## Record extracts
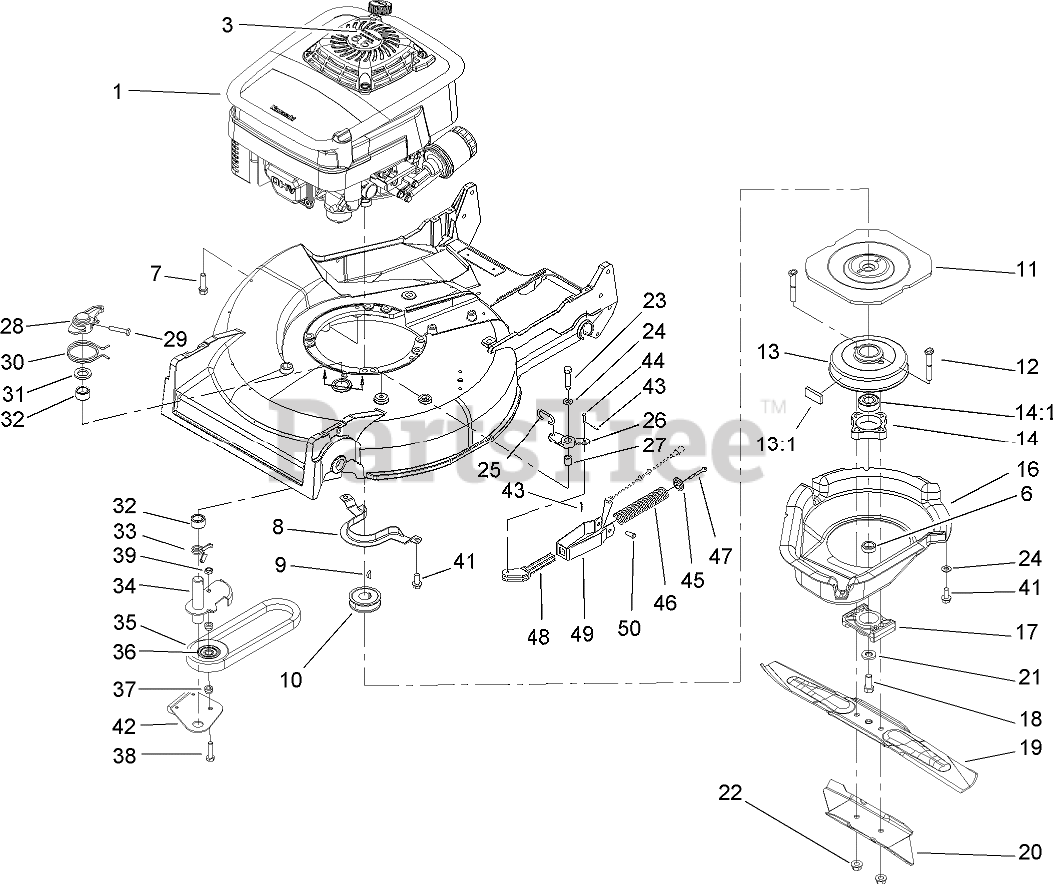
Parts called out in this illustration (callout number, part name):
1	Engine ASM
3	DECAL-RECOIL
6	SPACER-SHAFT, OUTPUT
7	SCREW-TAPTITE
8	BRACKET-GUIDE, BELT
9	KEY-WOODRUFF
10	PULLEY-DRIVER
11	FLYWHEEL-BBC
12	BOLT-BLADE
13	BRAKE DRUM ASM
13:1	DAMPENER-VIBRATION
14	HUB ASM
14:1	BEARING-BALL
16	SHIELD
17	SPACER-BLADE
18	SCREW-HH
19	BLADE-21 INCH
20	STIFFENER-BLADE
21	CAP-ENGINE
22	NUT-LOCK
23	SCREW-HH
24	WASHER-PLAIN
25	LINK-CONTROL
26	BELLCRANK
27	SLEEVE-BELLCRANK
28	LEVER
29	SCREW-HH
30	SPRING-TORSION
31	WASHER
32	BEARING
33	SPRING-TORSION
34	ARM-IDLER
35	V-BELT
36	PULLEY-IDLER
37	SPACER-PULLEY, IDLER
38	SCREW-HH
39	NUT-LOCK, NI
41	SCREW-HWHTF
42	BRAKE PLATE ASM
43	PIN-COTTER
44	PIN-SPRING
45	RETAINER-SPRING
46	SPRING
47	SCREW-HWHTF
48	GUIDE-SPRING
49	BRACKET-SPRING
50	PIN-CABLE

## What is required
Output the full material exactly as given, without its pictures.

## Written answer
Parts called out in this illustration (callout number, part name):
1	Engine ASM
3	DECAL-RECOIL
6	SPACER-SHAFT, OUTPUT
7	SCREW-TAPTITE
8	BRACKET-GUIDE, BELT
9	KEY-WOODRUFF
10	PULLEY-DRIVER
11	FLYWHEEL-BBC
12	BOLT-BLADE
13	BRAKE DRUM ASM
13:1	DAMPENER-VIBRATION
14	HUB ASM
14:1	BEARING-BALL
16	SHIELD
17	SPACER-BLADE
18	SCREW-HH
19	BLADE-21 INCH
20	STIFFENER-BLADE
21	CAP-ENGINE
22	NUT-LOCK
23	SCREW-HH
24	WASHER-PLAIN
25	LINK-CONTROL
26	BELLCRANK
27	SLEEVE-BELLCRANK
28	LEVER
29	SCREW-HH
30	SPRING-TORSION
31	WASHER
32	BEARING
33	SPRING-TORSION
34	ARM-IDLER
35	V-BELT
36	PULLEY-IDLER
37	SPACER-PULLEY, IDLER
38	SCREW-HH
39	NUT-LOCK, NI
41	SCREW-HWHTF
42	BRAKE PLATE ASM
43	PIN-COTTER
44	PIN-SPRING
45	RETAINER-SPRING
46	SPRING
47	SCREW-HWHTF
48	GUIDE-SPRING
49	BRACKET-SPRING
50	PIN-CABLE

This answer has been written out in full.